WHAT IS BEING ASKED ::
Below are the records; locate each line with the word "import" and copy it.

MATERIAL FOR THIS TASK ::
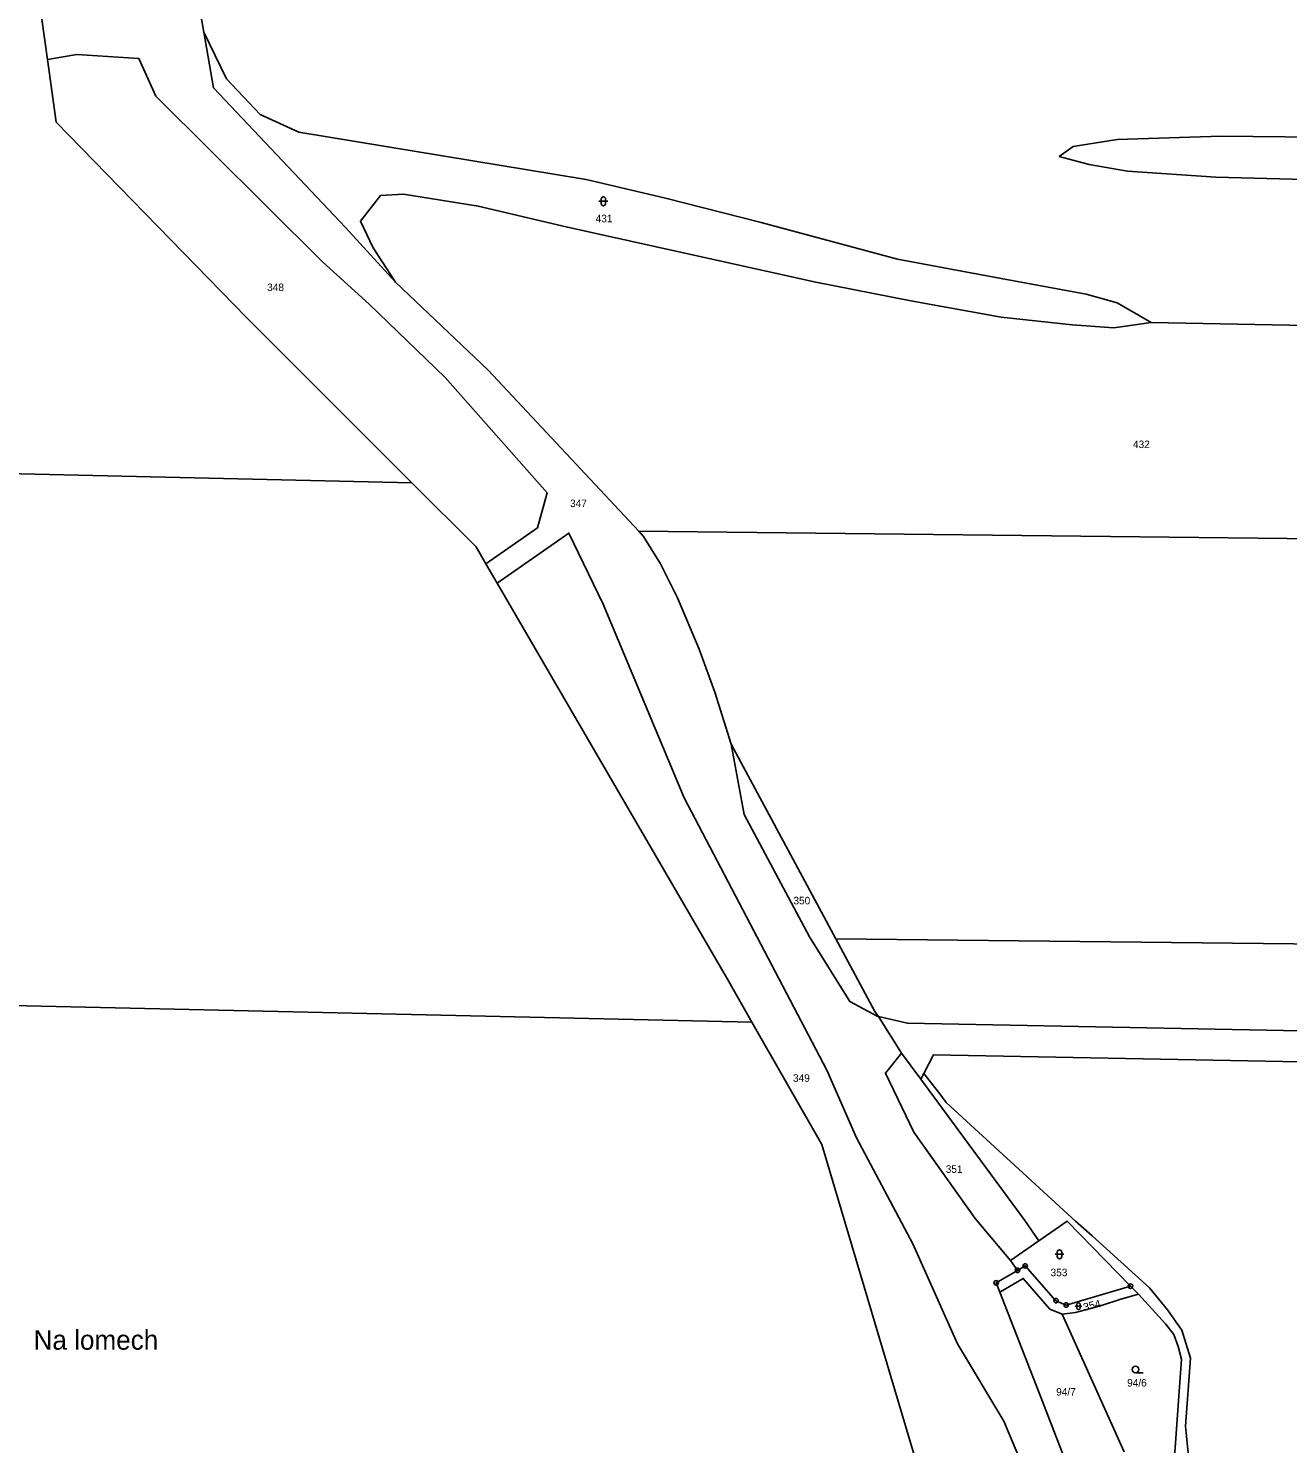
# Model space of a CAD drawing. Extents: x -769392 to -767038, y -1018329 to -1015269.
# Drawn here: x -768810.3 to -768526.3, y -1016085.5 to -1015766.2 of the extents above; entities that cross this region are included whole.
import ezdxf
from ezdxf.enums import TextEntityAlignment as Align

# ---------------------------------------------------------------- set-up
doc = ezdxf.new("R2010")
doc.units = 0
doc.header["$LTSCALE"] = 0.68
for name, color, linetype, lineweight in [('1', 7, 'Continuous', 25), ('3', 7, 'Continuous', 25), ('7', 7, 'Continuous', 13), ('8', 7, 'Continuous', 25)]:
    doc.layers.add(name, color=color, linetype=linetype, lineweight=lineweight)
doc.layers.add('2', color=7, linetype='Continuous')

msp = doc.modelspace()

# ---------------------------------------------------------------- linework, layer by layer
at = {"layer": '1'}
for p, q in [((-768770.74, -1015767.1), (-768772.34, -1015758.02)), ((-768806, -1015773.27), (-768807.26, -1015764.14)), ((-768707.1, -1015887.02), (-768704.55, -1015891.41)), ((-768628.22, -1015971.61), (-768651.76, -1015927.74)), ((-768647.11, -1015990.45), (-768839.41, -1015986.06)), ((-768613.34, -1015997.43), (-768618.56, -1015989.11)), ((-768613.34, -1015997.43), (-768609.02, -1016003.29)), ((-768609.02, -1016003.29), (-768608.35, -1016002)), ((-768582.41, -1016039.73), (-768588.81, -1016044.17)), ((-768587.21, -1016046.41), (-768588.81, -1016044.17)), ((-768561.73, -1016049.98), (-768559.94, -1016051.82)), ((-768563.14, -1016087.38), (-768577.15, -1016056.29))]:
    msp.add_line(p, q, dxfattribs=at)
for points in [[(-768557.04, -1015832.59), (-768564.72, -1015828.14), (-768571.74, -1015826.21), (-768590.86, -1015822.63), (-768614.27, -1015818.31), (-768645.03, -1015810.06), (-768666.63, -1015804.5), (-768684.47, -1015800.34), (-768749.33, -1015789.66), (-768758.05, -1015785.64), (-768765.64, -1015777.58), (-768770.74, -1015767.1)], [(-768770.74, -1015767.1), (-768768.54, -1015779.67), (-768738.76, -1015811.18), (-768727.48, -1015823.46)], [(-768707.1, -1015887.02), (-768695.45, -1015878.88), (-768693.27, -1015871), (-768716.28, -1015845), (-768733.46, -1015828.45), (-768743.96, -1015818.91), (-768781.53, -1015781.56), (-768785.37, -1015773.04), (-768799.39, -1015772.11), (-768806, -1015773.27)], [(-768806, -1015773.27), (-768804.05, -1015787.36), (-768761.11, -1015831.46), (-768723.8, -1015868.72)], [(-768727.48, -1015823.46), (-768732.57, -1015815.73), (-768735.41, -1015809.71), (-768730.9, -1015803.95), (-768725.67, -1015803.63), (-768708.82, -1015806.32), (-768688.73, -1015811.09), (-768632.66, -1015823.46), (-768611.29, -1015827.67), (-768590.89, -1015831.39), (-768574.88, -1015833.14), (-768565.46, -1015833.76), (-768557.04, -1015832.59)], [(-768672.64, -1015879.68), (-768706.61, -1015843.33), (-768727.48, -1015823.46)], [(-768393.76, -1015882.77), (-768393.24, -1015835.72), (-768557.04, -1015832.59)], [(-769059, -1015861.06), (-768887.32, -1015864.98), (-768723.8, -1015868.72)], [(-768723.8, -1015868.72), (-768709.33, -1015883.18), (-768707.1, -1015887.02)], [(-768393.76, -1015882.77), (-768526.38, -1015881.3), (-768672.64, -1015879.68)], [(-768651.76, -1015927.74), (-768655.45, -1015915.94), (-768659.03, -1015906.25), (-768663.92, -1015894.68), (-768667.76, -1015887.04), (-768671.56, -1015880.83), (-768672.64, -1015879.68)], [(-768577.92, -1016113.27), (-768585.77, -1016091.21), (-768590.28, -1016080.47), (-768600.78, -1016062.99), (-768610.85, -1016040.44), (-768623.52, -1016016.53), (-768630.25, -1016001.25), (-768662.38, -1015939.85), (-768680.7, -1015896.15), (-768688.37, -1015880.1), (-768704.55, -1015891.41)], [(-768704.55, -1015891.41), (-768652.35, -1015981.28), (-768647.11, -1015990.45)], [(-768618.56, -1015989.11), (-768618.84, -1015989.05), (-768625.01, -1015985.77), (-768634.09, -1015971.15), (-768648.87, -1015943.58), (-768651.76, -1015927.74)], [(-768618.56, -1015989.11), (-768619.4, -1015988.03), (-768628.22, -1015971.61)], [(-768628.22, -1015971.61), (-768504.28, -1015972.97), (-768394.77, -1015974.17)], [(-768647.11, -1015990.45), (-768631.35, -1016018.03), (-768596.9, -1016133.83)], [(-768395, -1015994.87), (-768504.06, -1015992.76), (-768612.03, -1015990.68), (-768618.56, -1015989.11)], [(-768588.81, -1016044.17), (-768596.74, -1016034.72), (-768610.57, -1016015.23), (-768616.99, -1016001.93), (-768613.34, -1015997.43)], [(-768608.35, -1016002), (-768606.17, -1015997.79), (-768503.74, -1015999.77), (-768400.14, -1016001.77), (-768395, -1015994.87)], [(-768582.41, -1016039.73), (-768585.54, -1016035.19), (-768609.02, -1016003.29)], [(-768531.03, -1016134.27), (-768536.67, -1016125.7), (-768546.18, -1016104.49), (-768548.19, -1016092.82), (-768549.32, -1016081.54), (-768548.21, -1016066.2), (-768550.18, -1016059.91), (-768553.38, -1016055.35), (-768557.44, -1016050.38), (-768570.36, -1016038.63), (-768574.11, -1016035.31), (-768603.29, -1016008.55), (-768604.7, -1016006.61), (-768608.35, -1016002)], [(-768582.41, -1016039.73), (-768576.01, -1016035.29), (-768561.73, -1016049.98)], [(-768587.21, -1016046.41), (-768585.49, -1016045.41), (-768578.53, -1016053.25), (-768576.22, -1016054.23), (-768561.73, -1016049.98)], [(-768587.21, -1016046.41), (-768592.03, -1016049.22), (-768591.21, -1016051.31)], [(-768577.15, -1016056.29), (-768579.88, -1016055.16), (-768585.91, -1016048.23), (-768591.21, -1016051.31)], [(-768575.9, -1016090.56), (-768582.47, -1016073.67), (-768591.21, -1016051.31)], [(-768568.47, -1016054.44), (-768563.87, -1016052.9), (-768559.94, -1016051.82)], [(-768559.94, -1016051.82), (-768553.83, -1016058.45), (-768551.98, -1016060.85), (-768550.95, -1016063.59), (-768550.23, -1016066.43), (-768551.76, -1016087.46), (-768550.46, -1016107.42), (-768550.51, -1016108.5)], [(-768568.47, -1016054.44), (-768574.14, -1016055.95), (-768577.15, -1016056.29)]]:
    msp.add_lwpolyline(points, dxfattribs=at)
msp.add_lwpolyline([(-768562.42, -1015798.46), (-768542.47, -1015799.78), (-768505.13, -1015800.77), (-768469.57, -1015803.07), (-768439.12, -1015804.99), (-768420.78, -1015807.18), (-768395.06, -1015808.66), (-768391.9, -1015808.02), (-768394.8, -1015806.1), (-768405.31, -1015801.53), (-768414.59, -1015798.93), (-768432.56, -1015794.35), (-768442.59, -1015793.04), (-768450.35, -1015792.69), (-768505.18, -1015790.92), (-768541.24, -1015790.54), (-768564.76, -1015791.31), (-768574.64, -1015792.9), (-768577.78, -1015795.16), (-768571.04, -1015796.95)], close=True, dxfattribs=at)
at = {"layer": '3'}
for p, q in [((-768681.611, -1015805.231), (-768679.609, -1015805.231)), ((-768681.111, -1015804.731), (-768681.111, -1015805.732)), ((-768680.109, -1015805.732), (-768680.109, -1015804.731)), ((-768578.231, -1016042.281), (-768578.231, -1016043.282)), ((-768577.229, -1016043.282), (-768577.229, -1016042.281)), ((-768578.731, -1016042.781), (-768576.729, -1016042.781)), ((-768574.231, -1016054.481), (-768572.669, -1016054.481)), ((-768573.84, -1016054.09), (-768573.84, -1016054.871)), ((-768573.06, -1016054.871), (-768573.06, -1016054.09)), ((-768560.583, -1016069.53), (-768558.833, -1016069.53))]:
    msp.add_line(p, q, dxfattribs=at)
msp.add_circle((-768560.5829, -1016068.7798), 0.75, dxfattribs=at)
for centre, radius, start, end in [((-768680.61, -1015804.7309), 0.5, 0, 180), ((-768680.61, -1015805.7309), 0.5, 180, 359.98789), ((-768577.73, -1016042.2809), 0.5, 0, 180), ((-768577.73, -1016043.2809), 0.5, 180, 359.98789), ((-768573.45, -1016054.0907), 0.39, 0, 180), ((-768573.45, -1016054.8707), 0.39, 180, 359.98789)]:
    msp.add_arc(centre, radius, start, end, dxfattribs=at)
at = {"layer": '8'}
for centre, radius in [((-768587.21, -1016046.4099), 0.5), ((-768585.49, -1016045.4099), 0.5), ((-768585.49, -1016045.4099), 0.0303), ((-768592.03, -1016049.2199), 0.5), ((-768587.21, -1016046.4099), 0.0303), ((-768592.03, -1016049.2199), 0.0303), ((-768561.73, -1016049.9799), 0.5), ((-768561.73, -1016049.9799), 0.0303), ((-768578.53, -1016053.2499), 0.5), ((-768578.53, -1016053.2499), 0.0303), ((-768576.22, -1016054.2299), 0.5), ((-768576.22, -1016054.2299), 0.0303)]:
    msp.add_circle(centre, radius, dxfattribs=at)

# ---------------------------------------------------------------- texts
at = {"layer": '2'}
for s, p in [('431', (-768682.36, -1015809.975)), ('348', (-768756.45, -1015825.495)), ('432', (-768561.16, -1015860.915)), ('347', (-768688.13, -1015874.235)), ('350', (-768637.75, -1015963.845)), ('349', (-768637.85, -1016003.875)), ('351', (-768603.4, -1016024.415)), ('353', (-768579.75, -1016047.735))]:
    msp.add_text(s, height=1.7, dxfattribs=at).set_placement(p)
at = {"layer": '2', "width": 1.05}
msp.add_text('354', height=1.7, rotation=14, dxfattribs=at).set_placement((-768572.157, -1016055.582))
at = {"layer": '2'}
for s, p in [('94/6', (-768560.269, -1016072.625)), ('94/7', (-768576.279, -1016074.655))]:
    msp.add_text(s, height=1.7, dxfattribs=at).set_placement(p, align=Align.CENTER)
at = {"layer": '7'}
msp.add_text('Na lomech', height=4.4, dxfattribs=at).set_placement((-768795.08, -1016064.31), align=Align.CENTER)

doc.saveas('drawing.dxf')

TASK RESULT ::
import ezdxf
from ezdxf.enums import TextEntityAlignment as Align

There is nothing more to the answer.